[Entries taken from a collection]
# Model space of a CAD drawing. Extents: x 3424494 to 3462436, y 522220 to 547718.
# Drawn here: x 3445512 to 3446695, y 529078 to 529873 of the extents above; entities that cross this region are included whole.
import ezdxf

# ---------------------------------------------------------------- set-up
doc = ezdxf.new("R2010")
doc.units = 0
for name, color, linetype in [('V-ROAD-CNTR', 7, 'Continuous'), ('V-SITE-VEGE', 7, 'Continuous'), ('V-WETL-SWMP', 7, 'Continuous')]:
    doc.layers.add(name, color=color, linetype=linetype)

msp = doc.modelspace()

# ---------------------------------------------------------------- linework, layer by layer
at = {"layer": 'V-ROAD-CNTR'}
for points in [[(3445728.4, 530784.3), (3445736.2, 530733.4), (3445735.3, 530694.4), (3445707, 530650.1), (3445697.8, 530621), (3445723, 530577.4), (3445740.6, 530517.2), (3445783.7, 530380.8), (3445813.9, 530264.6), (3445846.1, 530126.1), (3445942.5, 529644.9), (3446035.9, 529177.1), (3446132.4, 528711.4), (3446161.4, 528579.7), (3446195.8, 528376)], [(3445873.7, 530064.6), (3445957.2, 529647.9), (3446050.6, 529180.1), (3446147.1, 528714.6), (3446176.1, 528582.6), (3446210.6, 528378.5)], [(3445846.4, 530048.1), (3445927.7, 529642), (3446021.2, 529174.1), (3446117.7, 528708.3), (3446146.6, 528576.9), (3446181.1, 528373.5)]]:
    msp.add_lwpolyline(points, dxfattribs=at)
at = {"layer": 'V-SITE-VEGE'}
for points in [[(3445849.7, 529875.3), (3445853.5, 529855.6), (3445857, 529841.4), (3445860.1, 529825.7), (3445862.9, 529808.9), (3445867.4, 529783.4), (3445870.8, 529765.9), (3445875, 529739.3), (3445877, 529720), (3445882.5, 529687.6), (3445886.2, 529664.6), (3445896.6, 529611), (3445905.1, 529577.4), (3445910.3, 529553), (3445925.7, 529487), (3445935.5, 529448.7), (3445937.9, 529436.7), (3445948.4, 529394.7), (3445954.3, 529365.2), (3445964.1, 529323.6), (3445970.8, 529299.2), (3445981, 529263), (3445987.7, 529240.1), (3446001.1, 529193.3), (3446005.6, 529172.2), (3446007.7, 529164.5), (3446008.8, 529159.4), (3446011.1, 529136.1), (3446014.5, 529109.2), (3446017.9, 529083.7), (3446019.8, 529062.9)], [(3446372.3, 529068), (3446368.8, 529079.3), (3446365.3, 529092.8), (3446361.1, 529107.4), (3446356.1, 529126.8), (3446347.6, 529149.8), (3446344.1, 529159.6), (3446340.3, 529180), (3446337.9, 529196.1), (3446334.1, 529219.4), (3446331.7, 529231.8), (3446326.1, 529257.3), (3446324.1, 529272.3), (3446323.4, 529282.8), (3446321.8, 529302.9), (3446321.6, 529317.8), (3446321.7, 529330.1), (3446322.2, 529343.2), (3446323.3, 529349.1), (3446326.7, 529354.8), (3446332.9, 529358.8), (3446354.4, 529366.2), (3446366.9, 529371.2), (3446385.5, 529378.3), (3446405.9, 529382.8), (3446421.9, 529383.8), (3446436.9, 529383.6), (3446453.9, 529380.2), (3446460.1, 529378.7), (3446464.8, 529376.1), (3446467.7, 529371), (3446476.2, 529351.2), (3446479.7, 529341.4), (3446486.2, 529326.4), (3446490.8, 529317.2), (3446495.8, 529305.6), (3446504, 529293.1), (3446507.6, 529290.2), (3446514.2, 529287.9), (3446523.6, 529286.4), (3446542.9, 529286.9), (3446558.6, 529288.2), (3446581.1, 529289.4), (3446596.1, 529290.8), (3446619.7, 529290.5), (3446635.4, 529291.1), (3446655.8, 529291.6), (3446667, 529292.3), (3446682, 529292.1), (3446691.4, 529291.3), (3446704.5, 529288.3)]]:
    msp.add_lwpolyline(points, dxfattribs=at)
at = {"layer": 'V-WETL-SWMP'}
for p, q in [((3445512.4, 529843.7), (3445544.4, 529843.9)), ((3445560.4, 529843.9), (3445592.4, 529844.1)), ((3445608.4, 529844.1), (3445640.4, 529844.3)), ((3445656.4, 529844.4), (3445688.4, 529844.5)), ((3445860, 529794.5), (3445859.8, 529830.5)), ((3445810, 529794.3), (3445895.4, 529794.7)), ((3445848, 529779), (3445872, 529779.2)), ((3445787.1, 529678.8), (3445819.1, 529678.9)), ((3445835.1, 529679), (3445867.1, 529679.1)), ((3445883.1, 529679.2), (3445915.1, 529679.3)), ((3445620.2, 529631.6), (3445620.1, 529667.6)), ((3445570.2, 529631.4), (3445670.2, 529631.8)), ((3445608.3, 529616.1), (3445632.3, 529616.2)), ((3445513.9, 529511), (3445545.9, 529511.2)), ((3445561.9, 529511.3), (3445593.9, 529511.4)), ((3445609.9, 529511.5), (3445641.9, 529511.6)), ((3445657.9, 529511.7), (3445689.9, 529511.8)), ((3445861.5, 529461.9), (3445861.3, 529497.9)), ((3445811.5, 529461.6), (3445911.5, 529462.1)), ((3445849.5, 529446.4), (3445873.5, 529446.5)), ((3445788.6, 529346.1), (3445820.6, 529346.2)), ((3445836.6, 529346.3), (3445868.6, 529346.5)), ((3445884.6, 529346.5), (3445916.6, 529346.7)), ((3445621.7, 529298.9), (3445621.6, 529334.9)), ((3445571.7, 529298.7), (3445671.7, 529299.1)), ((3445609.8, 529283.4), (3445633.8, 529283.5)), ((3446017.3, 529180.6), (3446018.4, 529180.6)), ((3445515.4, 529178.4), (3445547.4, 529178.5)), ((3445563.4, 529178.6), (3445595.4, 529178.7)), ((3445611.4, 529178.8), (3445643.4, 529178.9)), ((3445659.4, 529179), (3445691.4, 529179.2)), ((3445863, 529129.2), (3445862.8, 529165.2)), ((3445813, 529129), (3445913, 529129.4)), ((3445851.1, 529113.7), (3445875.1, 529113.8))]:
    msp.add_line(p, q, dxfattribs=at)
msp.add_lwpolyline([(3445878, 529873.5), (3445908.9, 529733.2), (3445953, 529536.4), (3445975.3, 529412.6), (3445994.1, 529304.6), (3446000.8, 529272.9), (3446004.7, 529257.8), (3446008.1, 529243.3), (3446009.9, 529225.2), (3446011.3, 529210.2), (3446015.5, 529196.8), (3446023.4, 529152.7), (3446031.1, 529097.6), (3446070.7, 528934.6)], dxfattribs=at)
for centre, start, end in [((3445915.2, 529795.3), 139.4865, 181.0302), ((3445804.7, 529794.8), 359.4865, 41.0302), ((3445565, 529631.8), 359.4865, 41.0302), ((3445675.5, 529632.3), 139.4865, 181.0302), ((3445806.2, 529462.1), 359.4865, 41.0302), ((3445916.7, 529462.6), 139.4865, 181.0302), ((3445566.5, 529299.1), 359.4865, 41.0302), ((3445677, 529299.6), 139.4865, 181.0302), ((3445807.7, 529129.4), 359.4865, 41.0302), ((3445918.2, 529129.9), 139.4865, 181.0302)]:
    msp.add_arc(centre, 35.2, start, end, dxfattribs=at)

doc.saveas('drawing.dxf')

*Assigned task*
Copy out the data exactly as it stands, leaving nothing out.

*Answer below*
# Model space of a CAD drawing. Extents: x 3424494 to 3462436, y 522220 to 547718.
# Drawn here: x 3445512 to 3446695, y 529078 to 529873 of the extents above; entities that cross this region are included whole.
import ezdxf

# ---------------------------------------------------------------- set-up
doc = ezdxf.new("R2010")
doc.units = 0
for name, color, linetype in [('V-ROAD-CNTR', 7, 'Continuous'), ('V-SITE-VEGE', 7, 'Continuous'), ('V-WETL-SWMP', 7, 'Continuous')]:
    doc.layers.add(name, color=color, linetype=linetype)

msp = doc.modelspace()

# ---------------------------------------------------------------- linework, layer by layer
at = {"layer": 'V-ROAD-CNTR'}
for points in [[(3445728.4, 530784.3), (3445736.2, 530733.4), (3445735.3, 530694.4), (3445707, 530650.1), (3445697.8, 530621), (3445723, 530577.4), (3445740.6, 530517.2), (3445783.7, 530380.8), (3445813.9, 530264.6), (3445846.1, 530126.1), (3445942.5, 529644.9), (3446035.9, 529177.1), (3446132.4, 528711.4), (3446161.4, 528579.7), (3446195.8, 528376)], [(3445873.7, 530064.6), (3445957.2, 529647.9), (3446050.6, 529180.1), (3446147.1, 528714.6), (3446176.1, 528582.6), (3446210.6, 528378.5)], [(3445846.4, 530048.1), (3445927.7, 529642), (3446021.2, 529174.1), (3446117.7, 528708.3), (3446146.6, 528576.9), (3446181.1, 528373.5)]]:
    msp.add_lwpolyline(points, dxfattribs=at)
at = {"layer": 'V-SITE-VEGE'}
for points in [[(3445849.7, 529875.3), (3445853.5, 529855.6), (3445857, 529841.4), (3445860.1, 529825.7), (3445862.9, 529808.9), (3445867.4, 529783.4), (3445870.8, 529765.9), (3445875, 529739.3), (3445877, 529720), (3445882.5, 529687.6), (3445886.2, 529664.6), (3445896.6, 529611), (3445905.1, 529577.4), (3445910.3, 529553), (3445925.7, 529487), (3445935.5, 529448.7), (3445937.9, 529436.7), (3445948.4, 529394.7), (3445954.3, 529365.2), (3445964.1, 529323.6), (3445970.8, 529299.2), (3445981, 529263), (3445987.7, 529240.1), (3446001.1, 529193.3), (3446005.6, 529172.2), (3446007.7, 529164.5), (3446008.8, 529159.4), (3446011.1, 529136.1), (3446014.5, 529109.2), (3446017.9, 529083.7), (3446019.8, 529062.9)], [(3446372.3, 529068), (3446368.8, 529079.3), (3446365.3, 529092.8), (3446361.1, 529107.4), (3446356.1, 529126.8), (3446347.6, 529149.8), (3446344.1, 529159.6), (3446340.3, 529180), (3446337.9, 529196.1), (3446334.1, 529219.4), (3446331.7, 529231.8), (3446326.1, 529257.3), (3446324.1, 529272.3), (3446323.4, 529282.8), (3446321.8, 529302.9), (3446321.6, 529317.8), (3446321.7, 529330.1), (3446322.2, 529343.2), (3446323.3, 529349.1), (3446326.7, 529354.8), (3446332.9, 529358.8), (3446354.4, 529366.2), (3446366.9, 529371.2), (3446385.5, 529378.3), (3446405.9, 529382.8), (3446421.9, 529383.8), (3446436.9, 529383.6), (3446453.9, 529380.2), (3446460.1, 529378.7), (3446464.8, 529376.1), (3446467.7, 529371), (3446476.2, 529351.2), (3446479.7, 529341.4), (3446486.2, 529326.4), (3446490.8, 529317.2), (3446495.8, 529305.6), (3446504, 529293.1), (3446507.6, 529290.2), (3446514.2, 529287.9), (3446523.6, 529286.4), (3446542.9, 529286.9), (3446558.6, 529288.2), (3446581.1, 529289.4), (3446596.1, 529290.8), (3446619.7, 529290.5), (3446635.4, 529291.1), (3446655.8, 529291.6), (3446667, 529292.3), (3446682, 529292.1), (3446691.4, 529291.3), (3446704.5, 529288.3)]]:
    msp.add_lwpolyline(points, dxfattribs=at)
at = {"layer": 'V-WETL-SWMP'}
for p, q in [((3445512.4, 529843.7), (3445544.4, 529843.9)), ((3445560.4, 529843.9), (3445592.4, 529844.1)), ((3445608.4, 529844.1), (3445640.4, 529844.3)), ((3445656.4, 529844.4), (3445688.4, 529844.5)), ((3445860, 529794.5), (3445859.8, 529830.5)), ((3445810, 529794.3), (3445895.4, 529794.7)), ((3445848, 529779), (3445872, 529779.2)), ((3445787.1, 529678.8), (3445819.1, 529678.9)), ((3445835.1, 529679), (3445867.1, 529679.1)), ((3445883.1, 529679.2), (3445915.1, 529679.3)), ((3445620.2, 529631.6), (3445620.1, 529667.6)), ((3445570.2, 529631.4), (3445670.2, 529631.8)), ((3445608.3, 529616.1), (3445632.3, 529616.2)), ((3445513.9, 529511), (3445545.9, 529511.2)), ((3445561.9, 529511.3), (3445593.9, 529511.4)), ((3445609.9, 529511.5), (3445641.9, 529511.6)), ((3445657.9, 529511.7), (3445689.9, 529511.8)), ((3445861.5, 529461.9), (3445861.3, 529497.9)), ((3445811.5, 529461.6), (3445911.5, 529462.1)), ((3445849.5, 529446.4), (3445873.5, 529446.5)), ((3445788.6, 529346.1), (3445820.6, 529346.2)), ((3445836.6, 529346.3), (3445868.6, 529346.5)), ((3445884.6, 529346.5), (3445916.6, 529346.7)), ((3445621.7, 529298.9), (3445621.6, 529334.9)), ((3445571.7, 529298.7), (3445671.7, 529299.1)), ((3445609.8, 529283.4), (3445633.8, 529283.5)), ((3446017.3, 529180.6), (3446018.4, 529180.6)), ((3445515.4, 529178.4), (3445547.4, 529178.5)), ((3445563.4, 529178.6), (3445595.4, 529178.7)), ((3445611.4, 529178.8), (3445643.4, 529178.9)), ((3445659.4, 529179), (3445691.4, 529179.2)), ((3445863, 529129.2), (3445862.8, 529165.2)), ((3445813, 529129), (3445913, 529129.4)), ((3445851.1, 529113.7), (3445875.1, 529113.8))]:
    msp.add_line(p, q, dxfattribs=at)
msp.add_lwpolyline([(3445878, 529873.5), (3445908.9, 529733.2), (3445953, 529536.4), (3445975.3, 529412.6), (3445994.1, 529304.6), (3446000.8, 529272.9), (3446004.7, 529257.8), (3446008.1, 529243.3), (3446009.9, 529225.2), (3446011.3, 529210.2), (3446015.5, 529196.8), (3446023.4, 529152.7), (3446031.1, 529097.6), (3446070.7, 528934.6)], dxfattribs=at)
for centre, start, end in [((3445915.2, 529795.3), 139.4865, 181.0302), ((3445804.7, 529794.8), 359.4865, 41.0302), ((3445565, 529631.8), 359.4865, 41.0302), ((3445675.5, 529632.3), 139.4865, 181.0302), ((3445806.2, 529462.1), 359.4865, 41.0302), ((3445916.7, 529462.6), 139.4865, 181.0302), ((3445566.5, 529299.1), 359.4865, 41.0302), ((3445677, 529299.6), 139.4865, 181.0302), ((3445807.7, 529129.4), 359.4865, 41.0302), ((3445918.2, 529129.9), 139.4865, 181.0302)]:
    msp.add_arc(centre, 35.2, start, end, dxfattribs=at)

doc.saveas('drawing.dxf')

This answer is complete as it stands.